Closed eloff closed 7 years ago
it's up to the log store, in this implementation, fs_log_store flush the data every time it got changed, I understand that saving the state is one of the key for the implementations, however, fsync is not the only way, it's all up to the log store and state mgr implementation, you can even have your own device to hold the logs and state, we don't enforce any log store or state mgr implementation here
To be clear, I'm only talking about fs_log_store here. The state manager can do whatever it wants, and it doesn't really need fsync if it can restore from the log - in fact it could be memory only.

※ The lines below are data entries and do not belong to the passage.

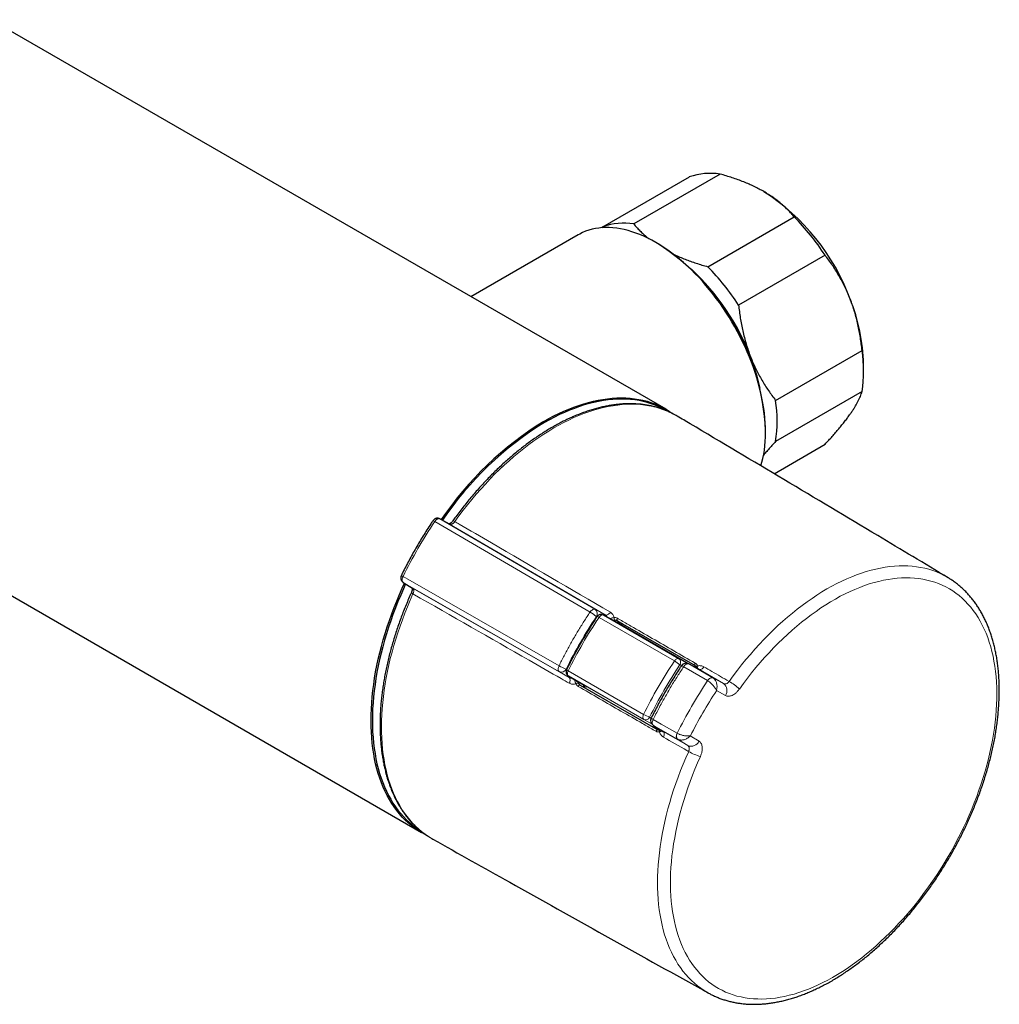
# Model space of a CAD drawing. Header units: millimetres. Extents: x 8 to 2417, y 12 to 2416.
# Tile 13 of 24: x 2312 to 2417, y 80 to 185. Entities that reach past the tile are written whole.
import ezdxf

# ---------------------------------------------------------------- set-up
doc = ezdxf.new("R2010")
doc.units = ezdxf.units.MM

msp = doc.modelspace()

# ---------------------------------------------------------------- linework, layer by layer
at = {"color": 7, "linetype": 'Continuous', "lineweight": 30}
for p, q in [((2381.23, 143.63), (2309.41, 185.09)), ((2214.66, 179.75), (2355.23, 98.6)), ((2374.52, 163.06), (2383.71, 168.36)), ((2386.99, 168.66), (2377.8, 163.35)), ((2385.67, 158.8), (2394.87, 164.11)), ((2374.42, 162.95), (2374.52, 163.06)), ((2371.9, 162.2), (2360.48, 155.61)), ((2380.33, 161.28), (2380.15, 161.38)), ((2398.15, 160.03), (2388.95, 154.72)), ((2392.89, 144.58), (2402.08, 149.88)), ((2402.24, 147.6), (2402.24, 148.42)), ((2402.08, 145.51), (2392.89, 140.2)), ((2391.81, 141.18), (2391.81, 141.38)), ((2392.72, 136.78), (2398.15, 139.91)), ((2358.2, 131.42), (2357.17, 131.98)), ((2357.17, 131.98), (2357.18, 131.97)), ((2358.2, 131.42), (2358.21, 131.42)), ((2353.27, 125.21), (2354.26, 124.6)), ((2353.28, 125.21), (2353.27, 125.21)), ((2411.23, 125.71), (2411.24, 125.71)), ((2354.27, 124.59), (2354.26, 124.6)), ((2375.56, 121.18), (2374.57, 121.73)), ((2375.56, 121.18), (2375.56, 121.18)), ((2383.49, 116.6), (2375.56, 121.18)), ((2376.05, 121.13), (2376.61, 120.81)), ((2376.61, 120.81), (2384.34, 116.35)), ((2384.72, 115.97), (2383.66, 116.54)), ((2383.66, 116.54), (2383.67, 116.54)), ((2370.84, 115.27), (2371.81, 114.68)), ((2384.73, 115.96), (2384.72, 115.97)), ((2371.81, 114.68), (2372.82, 114.1)), ((2372.1, 114.29), (2380.37, 109.52)), ((2379.87, 109.99), (2380.9, 109.36)), ((2379.89, 109.99), (2379.87, 109.99)), ((2380.9, 109.36), (2380.92, 109.35)), ((2385.76, 81.5), (2385.73, 81.52))]:
    msp.add_line(p, q, dxfattribs=at)
at = {"color": 252, "linetype": 'Continuous', "lineweight": 0}
for p, q in [((2357.18, 131.97), (2373.71, 122.34)), ((2358.21, 131.42), (2357.18, 131.97)), ((2374.77, 121.77), (2358.21, 131.42)), ((2369.88, 115.71), (2353.28, 125.21)), ((2353.28, 125.21), (2354.27, 124.59)), ((2354.27, 124.59), (2370.91, 115.08)), ((2373.71, 122.34), (2374.77, 121.77)), ((2373.89, 121.55), (2373.83, 121.58)), ((2374.57, 121.73), (2382.61, 117.09)), ((2382.14, 116.85), (2374.1, 121.49)), ((2384.32, 116.36), (2376.05, 121.13)), ((2382.61, 117.09), (2383.48, 116.6)), ((2382.88, 116.36), (2382.71, 116.46)), ((2383.67, 116.54), (2386.21, 115.06)), ((2384.73, 115.96), (2383.67, 116.54)), ((2370.91, 115.08), (2369.88, 115.71)), ((2370.6, 115.99), (2370.66, 115.95)), ((2370.81, 115.79), (2378.85, 111.15)), ((2378.87, 110.63), (2370.84, 115.27)), ((2385.65, 114.76), (2383.11, 116.24)), ((2387.36, 114.44), (2384.73, 115.96)), ((2379.74, 110.11), (2371.81, 114.68)), ((2371.81, 114.68), (2371.81, 114.68)), ((2385.66, 114.76), (2385.65, 114.76)), ((2386.21, 115.06), (2386.23, 115.04)), ((2386.21, 115.06), (2387.36, 114.44)), ((2387.55, 113.17), (2386.59, 113.69)), ((2379.74, 110.11), (2378.87, 110.63)), ((2379.48, 110.86), (2379.65, 110.76)), ((2382.44, 108.53), (2379.89, 109.99)), ((2379.89, 109.99), (2380.92, 109.35)), ((2380.92, 109.35), (2383.55, 107.84)), ((2382.41, 109.16), (2382.43, 109.15)), ((2383.55, 107.84), (2382.44, 108.53)), ((2382.47, 108.51), (2382.44, 108.53)), ((2383.81, 108.88), (2384.74, 108.31))]:
    msp.add_line(p, q, dxfattribs=at)
at = {"color": 7, "linetype": 'Continuous', "lineweight": 30, "flags": 128}
for points in [[(2391.33, 137.61), (2391.43, 137.99), (2391.53, 138.41), (2391.62, 138.84), (2391.69, 139.29), (2391.74, 139.74), (2391.78, 140.21), (2391.81, 140.69), (2391.81, 141.18), (2391.81, 141.67), (2391.78, 142.18), (2391.74, 142.69), (2391.69, 143.21), (2391.62, 143.73), (2391.53, 144.27), (2391.43, 144.8), (2391.32, 145.34), (2391.19, 145.89), (2391.04, 146.43), (2390.88, 146.98), (2390.71, 147.53), (2390.52, 148.08), (2390.32, 148.63), (2390.11, 149.18), (2389.88, 149.73), (2389.64, 150.27), (2389.38, 150.81), (2389.11, 151.35), (2388.84, 151.89), (2388.55, 152.41), (2388.24, 152.94), (2387.93, 153.45), (2387.61, 153.96), (2387.28, 154.46), (2386.94, 154.95), (2386.58, 155.43), (2386.22, 155.9), (2385.86, 156.36), (2385.48, 156.81), (2385.1, 157.25), (2384.71, 157.68), (2384.31, 158.09), (2383.91, 158.49), (2383.51, 158.87), (2383.1, 159.24), (2382.68, 159.6), (2382.27, 159.94), (2381.85, 160.26), (2381.42, 160.57), (2381, 160.86), (2380.57, 161.13), (2380.15, 161.38), (2379.72, 161.62), (2379.29, 161.84), (2378.87, 162.04), (2378.45, 162.22), (2378.03, 162.38), (2377.61, 162.53), (2377.2, 162.65), (2376.79, 162.75), (2376.38, 162.84), (2375.98, 162.9), (2375.58, 162.94), (2375.19, 162.97), (2374.81, 162.97), (2374.44, 162.96), (2374.07, 162.92), (2373.71, 162.86), (2373.36, 162.79), (2373.02, 162.69), (2372.68, 162.58), (2372.36, 162.44), (2372.05, 162.28), (2371.9, 162.2)], [(2368.23, 142.34), (2368.77, 142.64), (2369.3, 142.92), (2369.83, 143.19), (2370.37, 143.43), (2370.9, 143.66), (2371.42, 143.86), (2371.95, 144.05), (2372.47, 144.22), (2372.99, 144.37), (2373.5, 144.49), (2374.01, 144.6), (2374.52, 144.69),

fs_log_store on the other hand does not call fsync, so it's no more durable or permanent than memory. The C++ stdlib flush() does not call fsync. Entries stored to fs_log_store can live in the OS buffer cache and storage device buffers for indeterminate amounts of time. On a hard system failure, you have no guarantee about what made it to disk and what did not. You cannot base any correct implementation of Raft on such a log. See https://stackoverflow.com/questions/23358324/raft-consensus-protocol-should-entries-be-durable-before-commiting for why log entries must be made durable on the storage device(s).
Okay, if it's about fs_log_store, I am not worry about it, there could be sophisticated implementation of it, you can start trying cornerstone with fs_log_store, but you can have your own Linux specific impl in your production. For this implementation, my original intent is to provide a core implementation of the algorithm, but ship with some sample interface implementations, but it's open to extended with more sophisticated implementations, again fs_log_store is not part of the core, it may have other issues not just fsync.
I can't imagine why one would provide a sample log store implementation that does not work. If you want to do that, it's your business, but please mark it with big red letters in the documentation DO NOT USE IN PRODUCTION, YOU WILL LOSE DATA. Or rename it to e.g. fs_eat_my_data_log_store(), because it's identical to running e.g. MySQL with libeatmydata to skip fysnc.
Or just add fsync() or equivalent to the flush method.
README.md updated
I had a look through the code, but no raft implementation could be correct if doesn't call fsync or equivalent at the appropriate places. Please forgive me if I missed it, but does this code call fsync?